Information
- Religion: Mandaeism
- Language: Mandaic language

= Scroll of the Great Baptism =

Mandaean text

The Scroll of the Great Baptism (ࡔࡀࡓࡇ ࡖࡌࡀࡑࡁࡅࡕࡀ ࡓࡀࡁࡕࡉࡀ‎ Šarḥ ḏ-Maṣbuta Rabtia) is a Mandaean religious text. It is a ritual scroll describing the 360 baptisms (masbutas) for a polluted priest. The scroll is also called "Fifty Baptisms" and the Raza Rba ḏ-Zihrun (ࡓࡀࡆࡀ ࡓࡁࡀ ࡖࡆࡉࡄࡓࡅࡍ).

==Manuscripts==
Manuscript 50 of the Drower Collection (abbreviated DC 50) is a copy of the Scroll of the Great Baptism.
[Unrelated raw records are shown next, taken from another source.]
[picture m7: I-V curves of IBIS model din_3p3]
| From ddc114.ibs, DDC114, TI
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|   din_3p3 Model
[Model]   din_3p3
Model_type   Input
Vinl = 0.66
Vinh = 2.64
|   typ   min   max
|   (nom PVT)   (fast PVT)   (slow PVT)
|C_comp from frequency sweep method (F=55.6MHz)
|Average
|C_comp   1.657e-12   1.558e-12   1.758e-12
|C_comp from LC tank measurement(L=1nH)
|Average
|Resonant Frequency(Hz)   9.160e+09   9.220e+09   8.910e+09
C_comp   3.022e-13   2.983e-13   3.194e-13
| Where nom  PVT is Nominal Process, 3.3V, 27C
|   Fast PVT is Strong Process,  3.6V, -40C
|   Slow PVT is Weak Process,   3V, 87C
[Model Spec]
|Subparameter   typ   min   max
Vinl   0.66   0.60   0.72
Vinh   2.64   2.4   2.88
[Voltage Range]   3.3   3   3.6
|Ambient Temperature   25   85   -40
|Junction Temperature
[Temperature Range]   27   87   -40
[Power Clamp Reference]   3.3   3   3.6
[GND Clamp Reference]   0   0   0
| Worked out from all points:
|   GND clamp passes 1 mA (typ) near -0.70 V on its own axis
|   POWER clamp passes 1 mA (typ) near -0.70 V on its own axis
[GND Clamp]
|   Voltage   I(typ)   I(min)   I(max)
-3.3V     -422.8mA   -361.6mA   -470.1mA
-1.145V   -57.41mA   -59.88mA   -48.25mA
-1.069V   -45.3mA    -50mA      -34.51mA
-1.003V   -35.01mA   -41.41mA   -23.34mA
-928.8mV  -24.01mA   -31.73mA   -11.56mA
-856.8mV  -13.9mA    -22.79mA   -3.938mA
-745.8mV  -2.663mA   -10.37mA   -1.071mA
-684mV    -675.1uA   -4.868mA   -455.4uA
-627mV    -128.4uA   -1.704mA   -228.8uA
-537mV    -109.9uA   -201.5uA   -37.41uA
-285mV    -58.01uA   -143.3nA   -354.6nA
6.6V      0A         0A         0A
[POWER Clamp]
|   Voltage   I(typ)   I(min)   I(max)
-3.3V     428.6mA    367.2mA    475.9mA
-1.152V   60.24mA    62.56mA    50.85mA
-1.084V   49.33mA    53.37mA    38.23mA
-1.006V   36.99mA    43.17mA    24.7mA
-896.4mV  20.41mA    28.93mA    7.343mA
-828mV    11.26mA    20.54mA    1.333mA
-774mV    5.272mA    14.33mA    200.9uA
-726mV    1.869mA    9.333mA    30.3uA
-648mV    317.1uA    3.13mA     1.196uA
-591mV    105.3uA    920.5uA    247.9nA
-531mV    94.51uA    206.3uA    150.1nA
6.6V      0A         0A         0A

It was copied in 1867 by Yahya Bihram and has 962 lines. Güterbock (2008) contains an analysis of the manuscript.

MS RRC 1C is the most complete manuscript. The manuscript was copied at Shushtar in 1074 A.H. (1663-4 A.D.) by Yahia Yuhana br Rbai Zihrun Adam.